## Task instructions
The lines from the beginning of the records below through the one holding "#8764=AXIS2_PLACEMENT_3D('',#8761,#8762,#8763);" are to be copied exactly; leave the pictures out.

.....

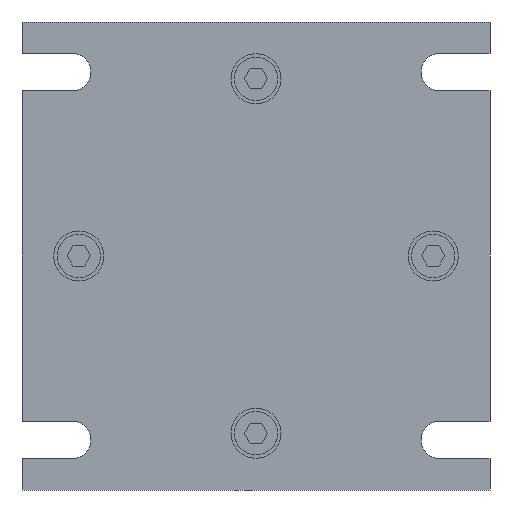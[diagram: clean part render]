
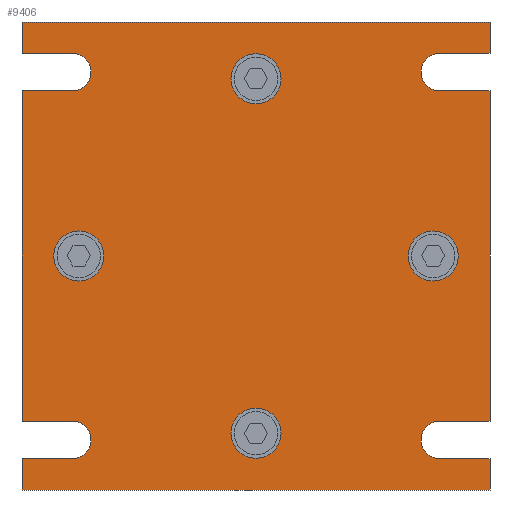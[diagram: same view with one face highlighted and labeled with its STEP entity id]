
A CAD part, front view. The second image highlights one B-rep face of the part: STEP entity #9406.
In plain terms, the highlighted planar face has unit normal (0, -1, 0).
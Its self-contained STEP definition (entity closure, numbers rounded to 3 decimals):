
#8751=CARTESIAN_POINT('',(0.,-12.,53.));
#8752=DIRECTION('',(0.,-1.,0.));
#8753=DIRECTION('',(-1.,0.,0.));
#8754=AXIS2_PLACEMENT_3D('',#8751,#8752,#8753);
#8756=CARTESIAN_POINT('',(0.,-12.,53.));
#8757=DIRECTION('',(0.,-1.,0.));
#8758=DIRECTION('',(1.,0.,0.));
#8759=AXIS2_PLACEMENT_3D('',#8756,#8757,#8758);
#8761=CARTESIAN_POINT('',(53.,-12.,0.));
#8762=DIRECTION('',(0.,-1.,0.));
#8763=DIRECTION('',(0.,0.,1.));
#8764=AXIS2_PLACEMENT_3D('',#8761,#8762,#8763);
#8766=CARTESIAN_POINT('',(53.,-12.,0.));
#8767=DIRECTION('',(0.,-1.,0.));
#8768=DIRECTION('',(0.,0.,-1.));
#8769=AXIS2_PLACEMENT_3D('',#8766,#8767,#8768);
#8771=CARTESIAN_POINT('',(0.,-12.,-53.));
#8772=DIRECTION('',(0.,-1.,0.));
#8773=DIRECTION('',(1.,0.,0.));
#8774=AXIS2_PLACEMENT_3D('',#8771,#8772,#8773);
#8776=CARTESIAN_POINT('',(0.,-12.,-53.));
#8777=DIRECTION('',(0.,-1.,0.));
#8778=DIRECTION('',(-1.,0.,0.));
#8779=AXIS2_PLACEMENT_3D('',#8776,#8777,#8778);
#8781=CARTESIAN_POINT('',(-53.,-12.,0.));
#8782=DIRECTION('',(0.,-1.,0.));
#8783=DIRECTION('',(0.,0.,-1.));
#8784=AXIS2_PLACEMENT_3D('',#8781,#8782,#8783);
#8786=CARTESIAN_POINT('',(-53.,-12.,0.));
#8787=DIRECTION('',(0.,-1.,0.));
#8788=DIRECTION('',(0.,0.,1.));
#8789=AXIS2_PLACEMENT_3D('',#8786,#8787,#8788);
#8791=DIRECTION('',(-1.,0.,0.));
#8792=VECTOR('',#8791,15.);
#8793=CARTESIAN_POINT('',(70.,-12.,60.6));
#8794=LINE('',#8793,#8792);
#8795=DIRECTION('',(-1.,0.,0.));
#8796=VECTOR('',#8795,15.);
#8797=CARTESIAN_POINT('',(70.,-12.,49.4));
#8798=LINE('',#8797,#8796);
#8799=DIRECTION('',(0.,0.,-1.));
#8800=VECTOR('',#8799,98.8);
#8801=CARTESIAN_POINT('',(70.,-12.,49.4));
#8802=LINE('',#8801,#8800);
#8803=DIRECTION('',(-1.,0.,0.));
#8804=VECTOR('',#8803,15.);
#8805=CARTESIAN_POINT('',(70.,-12.,-49.4));
#8806=LINE('',#8805,#8804);
#8807=DIRECTION('',(-1.,0.,0.));
#8808=VECTOR('',#8807,15.);
#8809=CARTESIAN_POINT('',(70.,-12.,-60.6));
#8810=LINE('',#8809,#8808);
#8811=DIRECTION('',(0.,0.,-1.));
#8812=VECTOR('',#8811,9.4);
#8813=CARTESIAN_POINT('',(70.,-12.,-60.6));
#8814=LINE('',#8813,#8812);
#8815=DIRECTION('',(-1.,0.,0.));
#8816=VECTOR('',#8815,140.);
#8817=CARTESIAN_POINT('',(70.,-12.,-70.));
#8818=LINE('',#8817,#8816);
#8819=DIRECTION('',(0.,0.,1.));
#8820=VECTOR('',#8819,9.4);
#8821=CARTESIAN_POINT('',(-70.,-12.,-70.));
#8822=LINE('',#8821,#8820);
#8823=DIRECTION('',(1.,0.,0.));
#8824=VECTOR('',#8823,15.);
#8825=CARTESIAN_POINT('',(-70.,-12.,-60.6));
#8826=LINE('',#8825,#8824);
#8827=DIRECTION('',(1.,0.,0.));
#8828=VECTOR('',#8827,15.);
#8829=CARTESIAN_POINT('',(-70.,-12.,-49.4));
#8830=LINE('',#8829,#8828);
#8831=DIRECTION('',(0.,0.,1.));
#8832=VECTOR('',#8831,98.8);
#8833=CARTESIAN_POINT('',(-70.,-12.,-49.4));
#8834=LINE('',#8833,#8832);
#8835=DIRECTION('',(1.,0.,0.));
#8836=VECTOR('',#8835,15.);
#8837=CARTESIAN_POINT('',(-70.,-12.,49.4));
#8838=LINE('',#8837,#8836);
#8839=DIRECTION('',(1.,0.,0.));
#8840=VECTOR('',#8839,15.);
#8841=CARTESIAN_POINT('',(-70.,-12.,60.6));
#8842=LINE('',#8841,#8840);
#8843=DIRECTION('',(0.,0.,1.));
#8844=VECTOR('',#8843,9.4);
#8845=CARTESIAN_POINT('',(-70.,-12.,60.6));
#8846=LINE('',#8845,#8844);
#8847=DIRECTION('',(1.,0.,0.));
#8848=VECTOR('',#8847,140.);
#8849=CARTESIAN_POINT('',(-70.,-12.,70.));
#8850=LINE('',#8849,#8848);
#8851=DIRECTION('',(0.,0.,-1.));
#8852=VECTOR('',#8851,9.4);
#8853=CARTESIAN_POINT('',(70.,-12.,70.));
#8854=LINE('',#8853,#8852);
#9115=CARTESIAN_POINT('',(-55.,-12.,55.));
#9116=DIRECTION('',(0.,1.,0.));
#9117=DIRECTION('',(0.,0.,1.));
#9118=AXIS2_PLACEMENT_3D('',#9115,#9116,#9117);
#9133=CARTESIAN_POINT('',(-55.,-12.,-55.));
#9134=DIRECTION('',(0.,1.,0.));
#9135=DIRECTION('',(0.,0.,1.));
#9136=AXIS2_PLACEMENT_3D('',#9133,#9134,#9135);
#9164=CARTESIAN_POINT('',(55.,-12.,-55.));
#9165=DIRECTION('',(0.,1.,0.));
#9166=DIRECTION('',(0.,0.,-1.));
#9167=AXIS2_PLACEMENT_3D('',#9164,#9165,#9166);
#9182=CARTESIAN_POINT('',(55.,-12.,55.));
#9183=DIRECTION('',(0.,1.,0.));
#9184=DIRECTION('',(0.,0.,-1.));
#9185=AXIS2_PLACEMENT_3D('',#9182,#9183,#9184);
#9191=CARTESIAN_POINT('',(-70.,-12.,70.));
#9192=CARTESIAN_POINT('',(70.,-12.,70.));
#9193=VERTEX_POINT('',#9191);
#9194=VERTEX_POINT('',#9192);
#9195=CARTESIAN_POINT('',(70.,-12.,-70.));
#9196=CARTESIAN_POINT('',(-70.,-12.,-70.));
#9197=VERTEX_POINT('',#9195);
#9198=VERTEX_POINT('',#9196);
#9215=CARTESIAN_POINT('',(-7.5,-12.,53.));
#9216=CARTESIAN_POINT('',(7.5,-12.,53.));
#9217=VERTEX_POINT('',#9215);
#9218=VERTEX_POINT('',#9216);
#9231=CARTESIAN_POINT('',(53.,-12.,7.5));
#9232=CARTESIAN_POINT('',(53.,-12.,-7.5));
#9233=VERTEX_POINT('',#9231);
#9234=VERTEX_POINT('',#9232);
#9247=CARTESIAN_POINT('',(7.5,-12.,-53.));
#9248=CARTESIAN_POINT('',(-7.5,-12.,-53.));
#9249=VERTEX_POINT('',#9247);
#9250=VERTEX_POINT('',#9248);
#9263=CARTESIAN_POINT('',(-53.,-12.,-7.5));
#9264=CARTESIAN_POINT('',(-53.,-12.,7.5));
#9265=VERTEX_POINT('',#9263);
#9266=VERTEX_POINT('',#9264);
#9271=CARTESIAN_POINT('',(70.,-12.,60.6));
#9272=CARTESIAN_POINT('',(55.,-12.,60.6));
#9273=VERTEX_POINT('',#9271);
#9274=VERTEX_POINT('',#9272);
#9275=CARTESIAN_POINT('',(70.,-12.,49.4));
#9276=CARTESIAN_POINT('',(55.,-12.,49.4));
#9277=VERTEX_POINT('',#9275);
#9278=VERTEX_POINT('',#9276);
#9279=CARTESIAN_POINT('',(-70.,-12.,49.4));
#9280=CARTESIAN_POINT('',(-55.,-12.,49.4));
#9281=VERTEX_POINT('',#9279);
#9282=VERTEX_POINT('',#9280);
#9283=CARTESIAN_POINT('',(-70.,-12.,60.6));
#9284=CARTESIAN_POINT('',(-55.,-12.,60.6));
#9285=VERTEX_POINT('',#9283);
#9286=VERTEX_POINT('',#9284);
#9287=CARTESIAN_POINT('',(-70.,-12.,-60.6));
#9288=CARTESIAN_POINT('',(-55.,-12.,-60.6));
#9289=VERTEX_POINT('',#9287);
#9290=VERTEX_POINT('',#9288);
#9291=CARTESIAN_POINT('',(-70.,-12.,-49.4));
#9292=CARTESIAN_POINT('',(-55.,-12.,-49.4));
#9293=VERTEX_POINT('',#9291);
#9294=VERTEX_POINT('',#9292);
#9295=CARTESIAN_POINT('',(70.,-12.,-49.4));
#9296=CARTESIAN_POINT('',(55.,-12.,-49.4));
#9297=VERTEX_POINT('',#9295);
#9298=VERTEX_POINT('',#9296);
#9299=CARTESIAN_POINT('',(70.,-12.,-60.6));
#9300=CARTESIAN_POINT('',(55.,-12.,-60.6));
#9301=VERTEX_POINT('',#9299);
#9302=VERTEX_POINT('',#9300);
#9335=CARTESIAN_POINT('',(0.,-12.,0.));
#9336=DIRECTION('',(0.,1.,0.));
#9337=DIRECTION('',(1.,0.,0.));
#9338=AXIS2_PLACEMENT_3D('',#9335,#9336,#9337);
#9339=PLANE('',#9338);
#9341=ORIENTED_EDGE('',*,*,#9340,.T.);
#9343=ORIENTED_EDGE('',*,*,#9342,.F.);
#9345=ORIENTED_EDGE('',*,*,#9344,.F.);
#9347=ORIENTED_EDGE('',*,*,#9346,.T.);
#9349=ORIENTED_EDGE('',*,*,#9348,.T.);
#9351=ORIENTED_EDGE('',*,*,#9350,.F.);
#9353=ORIENTED_EDGE('',*,*,#9352,.F.);
#9355=ORIENTED_EDGE('',*,*,#9354,.T.);
#9357=ORIENTED_EDGE('',*,*,#9356,.T.);
#9359=ORIENTED_EDGE('',*,*,#9358,.T.);
#9361=ORIENTED_EDGE('',*,*,#9360,.T.);
#9363=ORIENTED_EDGE('',*,*,#9362,.F.);
#9365=ORIENTED_EDGE('',*,*,#9364,.F.);
#9367=ORIENTED_EDGE('',*,*,#9366,.T.);
#9369=ORIENTED_EDGE('',*,*,#9368,.T.);
#9371=ORIENTED_EDGE('',*,*,#9370,.F.);
#9373=ORIENTED_EDGE('',*,*,#9372,.F.);
#9375=ORIENTED_EDGE('',*,*,#9374,.T.);
#9377=ORIENTED_EDGE('',*,*,#9376,.T.);
#9379=ORIENTED_EDGE('',*,*,#9378,.T.);
#9380=EDGE_LOOP('',(#9341,#9343,#9345,#9347,#9349,#9351,#9353,#9355,#9357,#9359,
#9361,#9363,#9365,#9367,#9369,#9371,#9373,#9375,#9377,#9379));
#9381=FACE_OUTER_BOUND('',#9380,.F.);
#9383=ORIENTED_EDGE('',*,*,#9382,.T.);
#9385=ORIENTED_EDGE('',*,*,#9384,.T.);
#9386=EDGE_LOOP('',(#9383,#9385));
#9387=FACE_BOUND('',#9386,.F.);
#9389=ORIENTED_EDGE('',*,*,#9388,.T.);
#9391=ORIENTED_EDGE('',*,*,#9390,.T.);
#9392=EDGE_LOOP('',(#9389,#9391));
#9393=FACE_BOUND('',#9392,.F.);
#9395=ORIENTED_EDGE('',*,*,#9394,.T.);
#9397=ORIENTED_EDGE('',*,*,#9396,.T.);
#9398=EDGE_LOOP('',(#9395,#9397));
#9399=FACE_BOUND('',#9398,.F.);
#9401=ORIENTED_EDGE('',*,*,#9400,.T.);
#9403=ORIENTED_EDGE('',*,*,#9402,.T.);
#9404=EDGE_LOOP('',(#9401,#9403));
#9405=FACE_BOUND('',#9404,.F.);
#9406=ADVANCED_FACE('',(#9381,#9387,#9393,#9399,#9405),#9339,.F.);
#8755=CIRCLE('',#8754,7.5);
#8760=CIRCLE('',#8759,7.5);
#8765=CIRCLE('',#8764,7.5);
#8770=CIRCLE('',#8769,7.5);
#8775=CIRCLE('',#8774,7.5);
#8780=CIRCLE('',#8779,7.5);
#8785=CIRCLE('',#8784,7.5);
#8790=CIRCLE('',#8789,7.5);
#9119=CIRCLE('',#9118,5.6);
#9137=CIRCLE('',#9136,5.6);
#9168=CIRCLE('',#9167,5.6);
#9186=CIRCLE('',#9185,5.6);
#9340=EDGE_CURVE('',#9273,#9274,#8794,.T.);
#9342=EDGE_CURVE('',#9278,#9274,#9186,.T.);
#9344=EDGE_CURVE('',#9277,#9278,#8798,.T.);
#9346=EDGE_CURVE('',#9277,#9297,#8802,.T.);
#9348=EDGE_CURVE('',#9297,#9298,#8806,.T.);
#9350=EDGE_CURVE('',#9302,#9298,#9168,.T.);
#9352=EDGE_CURVE('',#9301,#9302,#8810,.T.);
#9354=EDGE_CURVE('',#9301,#9197,#8814,.T.);
#9356=EDGE_CURVE('',#9197,#9198,#8818,.T.);
#9358=EDGE_CURVE('',#9198,#9289,#8822,.T.);
#9360=EDGE_CURVE('',#9289,#9290,#8826,.T.);
#9362=EDGE_CURVE('',#9294,#9290,#9137,.T.);
#9364=EDGE_CURVE('',#9293,#9294,#8830,.T.);
#9366=EDGE_CURVE('',#9293,#9281,#8834,.T.);
#9368=EDGE_CURVE('',#9281,#9282,#8838,.T.);
#9370=EDGE_CURVE('',#9286,#9282,#9119,.T.);
#9372=EDGE_CURVE('',#9285,#9286,#8842,.T.);
#9374=EDGE_CURVE('',#9285,#9193,#8846,.T.);
#9376=EDGE_CURVE('',#9193,#9194,#8850,.T.);
#9378=EDGE_CURVE('',#9194,#9273,#8854,.T.);
#9382=EDGE_CURVE('',#9233,#9234,#8765,.T.);
#9384=EDGE_CURVE('',#9234,#9233,#8770,.T.);
#9388=EDGE_CURVE('',#9249,#9250,#8775,.T.);
#9390=EDGE_CURVE('',#9250,#9249,#8780,.T.);
#9394=EDGE_CURVE('',#9265,#9266,#8785,.T.);
#9396=EDGE_CURVE('',#9266,#9265,#8790,.T.);
#9400=EDGE_CURVE('',#9217,#9218,#8755,.T.);
#9402=EDGE_CURVE('',#9218,#9217,#8760,.T.);
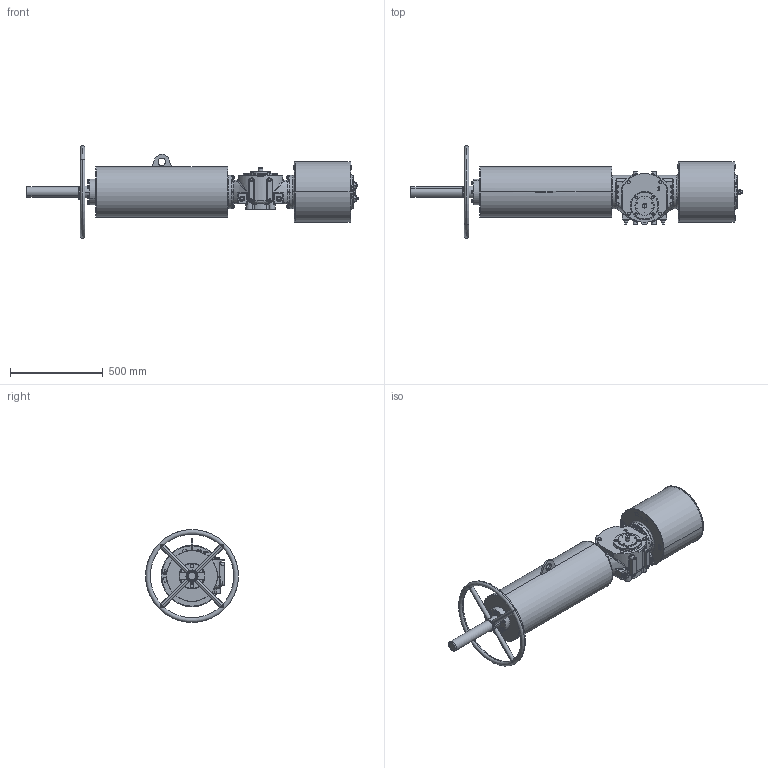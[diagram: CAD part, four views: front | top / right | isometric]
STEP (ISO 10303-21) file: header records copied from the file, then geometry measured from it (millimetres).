
FILE_DESCRIPTION (( 'STEP AP203' ), '1' );
FILE_NAME ('VTS2-300-SR-MS-FO.STEP', '2022-12-31T08:47:37', ( '' ), ( '' ), 'SwSTEP 2.0', 'SolidWorks 2020', '' );
FILE_SCHEMA (( 'CONFIG_CONTROL_DESIGN' ));
Length unit declared in the file: millimetre
Products named in the file (1): VTS2-300-SR-MS-FO
Bounding box: 1788.2 x 498.1 x 498.1 mm (x, y, z)
Volume: 80847604.3 mm3; surface area: 2423190.2 mm2
Topology: 30 solids, 33 shells, 2197 faces, 5733 edges, 3602 vertices
Faces by surface type: plane 796, cylinder 669, cone 435, bspline 161, sphere 72, torus 64
Entity records: 87997 total; most frequent: CARTESIAN_POINT 35803, ORIENTED_EDGE 11150, DIRECTION 10789, EDGE_CURVE 5575, AXIS2_PLACEMENT_3D 4385, VERTEX_POINT 3566, EDGE_LOOP 2443, CIRCLE 2348
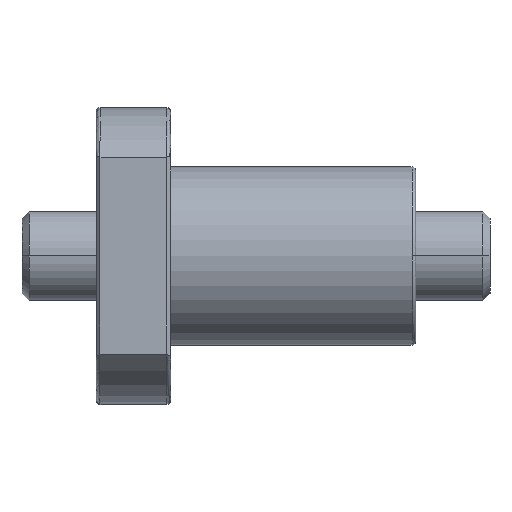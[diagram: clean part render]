
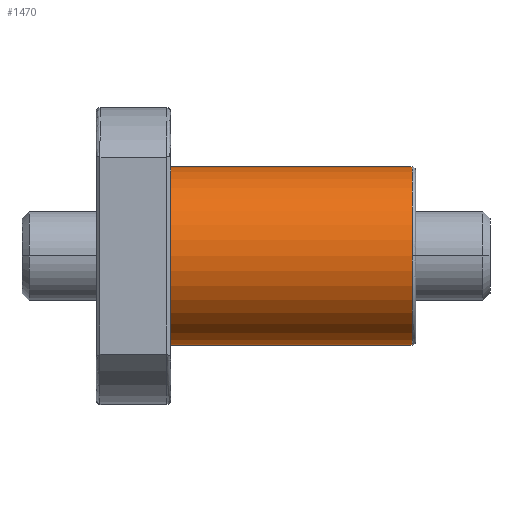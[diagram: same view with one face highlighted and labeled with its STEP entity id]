
A CAD part, top view. The second image highlights one B-rep face of the part: STEP entity #1470.
In plain terms, the highlighted cylindrical face has radius 12 mm (diameter 24 mm), a partial arc.
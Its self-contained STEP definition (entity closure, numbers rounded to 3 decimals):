
#175 = DIRECTION ( 'NONE',  ( -1., 0., 0. ) ) ;
#518 = ORIENTED_EDGE ( 'NONE', *, *, #5275, .F. ) ;
#554 = AXIS2_PLACEMENT_3D ( 'NONE', #2378, #1853, #5479 ) ;
#587 = CARTESIAN_POINT ( 'NONE',  ( 20., 0., 0. ) ) ;
#785 = EDGE_CURVE ( 'NONE', #5170, #6430, #2492, .T. ) ;
#1018 = CARTESIAN_POINT ( 'NONE',  ( 20., -12., 0. ) ) ;
#1153 = AXIS2_PLACEMENT_3D ( 'NONE', #5407, #1717, #3346 ) ;
#1212 = VERTEX_POINT ( 'NONE', #1018 ) ;
#1325 = EDGE_CURVE ( 'NONE', #3763, #1212, #5993, .T. ) ;
#1372 = EDGE_CURVE ( 'NONE', #4788, #3763, #3079, .T. ) ;
#1404 = EDGE_CURVE ( 'NONE', #6430, #4788, #4926, .T. ) ;
#1470 = ADVANCED_FACE ( 'NONE', ( #6156 ), #5243, .T. ) ;
#1495 = DIRECTION ( 'NONE',  ( 0., -1., 0. ) ) ;
#1584 = VECTOR ( 'NONE', #2687, 1000. ) ;
#1672 = DIRECTION ( 'NONE',  ( 0., -1., 0. ) ) ;
#1695 = DIRECTION ( 'NONE',  ( 1., 0., 0. ) ) ;
#1717 = DIRECTION ( 'NONE',  ( -1., 0., 0. ) ) ;
#1853 = DIRECTION ( 'NONE',  ( -1., 0., 0. ) ) ;
#2109 = ORIENTED_EDGE ( 'NONE', *, *, #785, .T. ) ;
#2378 = CARTESIAN_POINT ( 'NONE',  ( 52.5, 0., 0. ) ) ;
#2492 = CIRCLE ( 'NONE', #554, 12. ) ;
#2643 = CARTESIAN_POINT ( 'NONE',  ( 52.5, 12., 0. ) ) ;
#2687 = DIRECTION ( 'NONE',  ( -1., 0., 0. ) ) ;
#3079 = LINE ( 'NONE', #2643, #1584 ) ;
#3346 = DIRECTION ( 'NONE',  ( 0., -1., 0. ) ) ;
#3520 = CARTESIAN_POINT ( 'NONE',  ( 52.5, 0., 0. ) ) ;
#3721 = ORIENTED_EDGE ( 'NONE', *, *, #1404, .T. ) ;
#3763 = VERTEX_POINT ( 'NONE', #5047 ) ;
#3777 = CARTESIAN_POINT ( 'NONE',  ( 52.5, -12., 0. ) ) ;
#3828 = VECTOR ( 'NONE', #175, 1000. ) ;
#4044 = CARTESIAN_POINT ( 'NONE',  ( 52.5, 0., 12. ) ) ;
#4117 = DIRECTION ( 'NONE',  ( -1., 0., 0. ) ) ;
#4339 = EDGE_LOOP ( 'NONE', ( #3721, #5876, #4510, #518, #2109 ) ) ;
#4389 = CARTESIAN_POINT ( 'NONE',  ( 52.5, -12., 0. ) ) ;
#4510 = ORIENTED_EDGE ( 'NONE', *, *, #1325, .T. ) ;
#4788 = VERTEX_POINT ( 'NONE', #5758 ) ;
#4810 = LINE ( 'NONE', #4389, #3828 ) ;
#4926 = CIRCLE ( 'NONE', #1153, 12. ) ;
#5047 = CARTESIAN_POINT ( 'NONE',  ( 20., 12., 0. ) ) ;
#5170 = VERTEX_POINT ( 'NONE', #3777 ) ;
#5243 = CYLINDRICAL_SURFACE ( 'NONE', #6502, 12. ) ;
#5275 = EDGE_CURVE ( 'NONE', #5170, #1212, #4810, .T. ) ;
#5407 = CARTESIAN_POINT ( 'NONE',  ( 52.5, 0., 0. ) ) ;
#5479 = DIRECTION ( 'NONE',  ( 0., -1., 0. ) ) ;
#5758 = CARTESIAN_POINT ( 'NONE',  ( 52.5, 12., 0. ) ) ;
#5835 = AXIS2_PLACEMENT_3D ( 'NONE', #587, #1695, #1672 ) ;
#5876 = ORIENTED_EDGE ( 'NONE', *, *, #1372, .T. ) ;
#5993 = CIRCLE ( 'NONE', #5835, 12. ) ;
#6156 = FACE_OUTER_BOUND ( 'NONE', #4339, .T. ) ;
#6430 = VERTEX_POINT ( 'NONE', #4044 ) ;
#6502 = AXIS2_PLACEMENT_3D ( 'NONE', #3520, #4117, #1495 ) ;

.....

## Task answer
[diagram: clean part render]
[diagram: same view with one face highlighted and labeled with its STEP entity id]
A CAD part, front view. The second image highlights one B-rep face of the part: STEP entity #9406.
In plain terms, the highlighted planar face has unit normal (0, -1, 0).
Its self-contained STEP definition (entity closure, numbers rounded to 3 decimals):
#8751=CARTESIAN_POINT('',(0.,-12.,53.));
#8752=DIRECTION('',(0.,-1.,0.));
#8753=DIRECTION('',(-1.,0.,0.));
#8754=AXIS2_PLACEMENT_3D('',#8751,#8752,#8753);
#8756=CARTESIAN_POINT('',(0.,-12.,53.));
#8757=DIRECTION('',(0.,-1.,0.));
#8758=DIRECTION('',(1.,0.,0.));
#8759=AXIS2_PLACEMENT_3D('',#8756,#8757,#8758);
#8761=CARTESIAN_POINT('',(53.,-12.,0.));
#8762=DIRECTION('',(0.,-1.,0.));
#8763=DIRECTION('',(0.,0.,1.));
#8764=AXIS2_PLACEMENT_3D('',#8761,#8762,#8763);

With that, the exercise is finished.